◆ **WORK ORDER**
Print every record exactly as it appears. Leave the pictures out.

◆ **ENTRIES SUPPLIED**
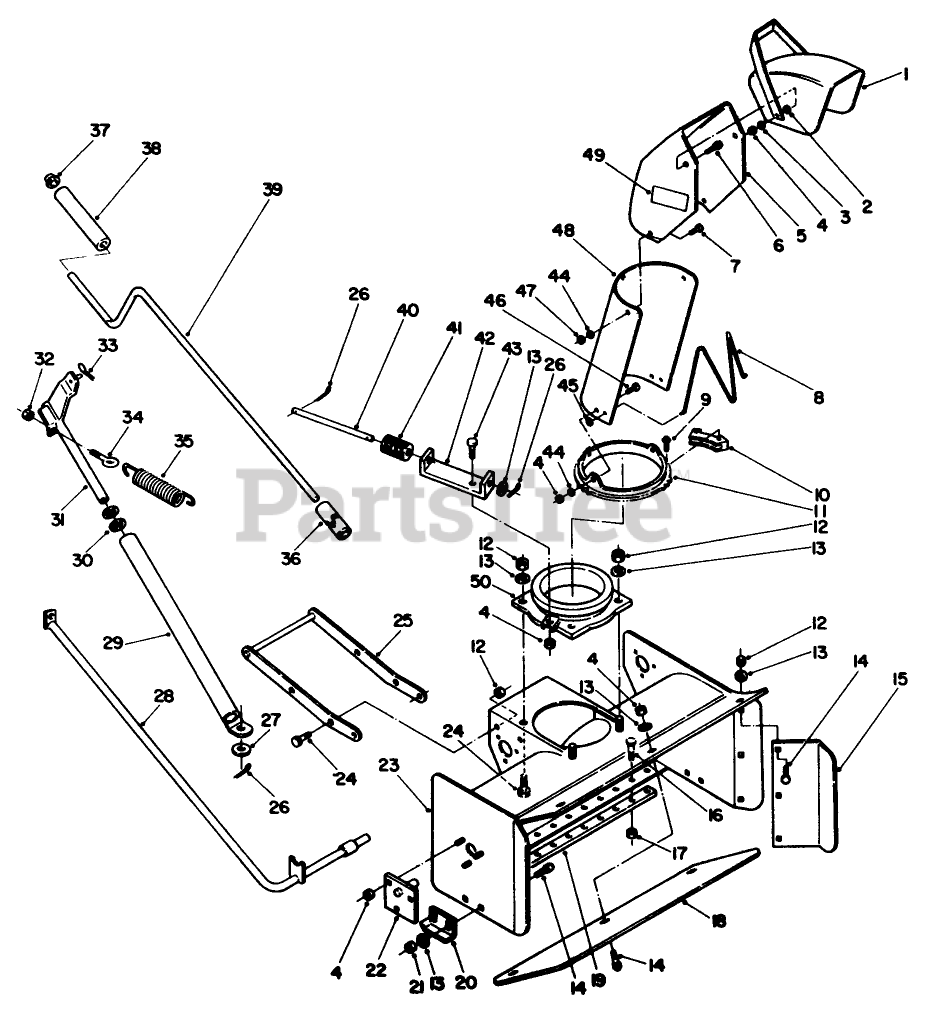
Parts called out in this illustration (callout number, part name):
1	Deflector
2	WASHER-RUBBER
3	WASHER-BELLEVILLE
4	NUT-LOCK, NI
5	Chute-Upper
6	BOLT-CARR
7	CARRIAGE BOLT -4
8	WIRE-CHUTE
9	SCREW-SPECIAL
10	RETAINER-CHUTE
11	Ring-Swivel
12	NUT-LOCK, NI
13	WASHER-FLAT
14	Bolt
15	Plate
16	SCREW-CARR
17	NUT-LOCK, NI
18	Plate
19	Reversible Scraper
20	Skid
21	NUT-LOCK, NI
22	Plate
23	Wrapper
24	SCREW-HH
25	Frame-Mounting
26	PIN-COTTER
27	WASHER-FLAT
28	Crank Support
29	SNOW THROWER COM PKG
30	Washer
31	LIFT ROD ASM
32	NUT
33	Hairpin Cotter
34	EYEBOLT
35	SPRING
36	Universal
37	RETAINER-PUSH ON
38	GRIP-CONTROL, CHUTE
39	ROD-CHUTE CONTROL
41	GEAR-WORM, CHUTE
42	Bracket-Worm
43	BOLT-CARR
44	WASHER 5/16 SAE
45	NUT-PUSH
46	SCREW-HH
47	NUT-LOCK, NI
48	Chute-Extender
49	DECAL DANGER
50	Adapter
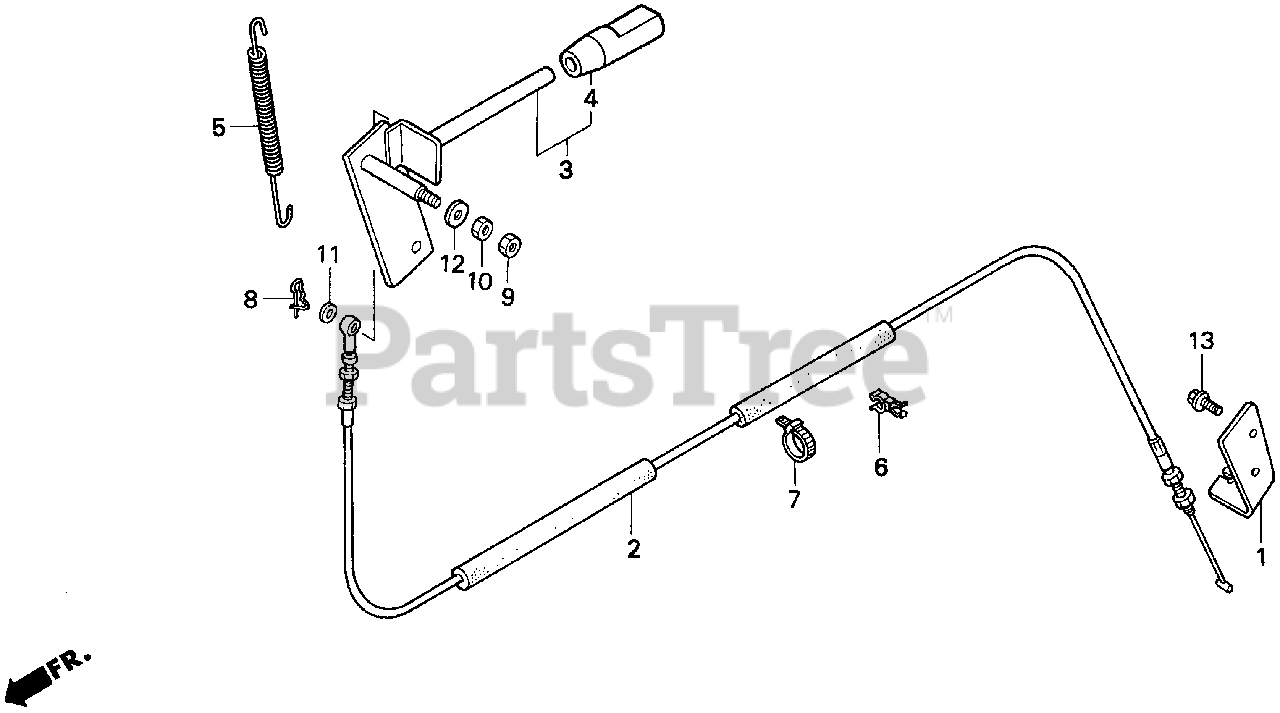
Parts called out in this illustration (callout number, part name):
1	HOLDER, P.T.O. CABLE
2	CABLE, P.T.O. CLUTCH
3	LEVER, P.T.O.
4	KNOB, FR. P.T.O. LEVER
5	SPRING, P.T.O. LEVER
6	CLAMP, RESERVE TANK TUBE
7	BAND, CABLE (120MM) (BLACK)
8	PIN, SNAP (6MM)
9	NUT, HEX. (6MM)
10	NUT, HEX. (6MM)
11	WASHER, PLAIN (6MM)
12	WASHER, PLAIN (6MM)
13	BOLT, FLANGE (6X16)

◆ **FINISHED TASK**
Parts called out in this illustration (callout number, part name):
1	Deflector
2	WASHER-RUBBER
3	WASHER-BELLEVILLE
4	NUT-LOCK, NI
5	Chute-Upper
6	BOLT-CARR
7	CARRIAGE BOLT -4
8	WIRE-CHUTE
9	SCREW-SPECIAL
10	RETAINER-CHUTE
11	Ring-Swivel
12	NUT-LOCK, NI
13	WASHER-FLAT
14	Bolt
15	Plate
16	SCREW-CARR
17	NUT-LOCK, NI
18	Plate
19	Reversible Scraper
20	Skid
21	NUT-LOCK, NI
22	Plate
23	Wrapper
24	SCREW-HH
25	Frame-Mounting
26	PIN-COTTER
27	WASHER-FLAT
28	Crank Support
29	SNOW THROWER COM PKG
30	Washer
31	LIFT ROD ASM
32	NUT
33	Hairpin Cotter
34	EYEBOLT
35	SPRING
36	Universal
37	RETAINER-PUSH ON
38	GRIP-CONTROL, CHUTE
39	ROD-CHUTE CONTROL
41	GEAR-WORM, CHUTE
42	Bracket-Worm
43	BOLT-CARR
44	WASHER 5/16 SAE
45	NUT-PUSH
46	SCREW-HH
47	NUT-LOCK, NI
48	Chute-Extender
49	DECAL DANGER
50	Adapter
Parts called out in this illustration (callout number, part name):
1	HOLDER, P.T.O. CABLE
2	CABLE, P.T.O. CLUTCH
3	LEVER, P.T.O.
4	KNOB, FR. P.T.O. LEVER
5	SPRING, P.T.O. LEVER
6	CLAMP, RESERVE TANK TUBE
7	BAND, CABLE (120MM) (BLACK)
8	PIN, SNAP (6MM)
9	NUT, HEX. (6MM)
10	NUT, HEX. (6MM)
11	WASHER, PLAIN (6MM)
12	WASHER, PLAIN (6MM)
13	BOLT, FLANGE (6X16)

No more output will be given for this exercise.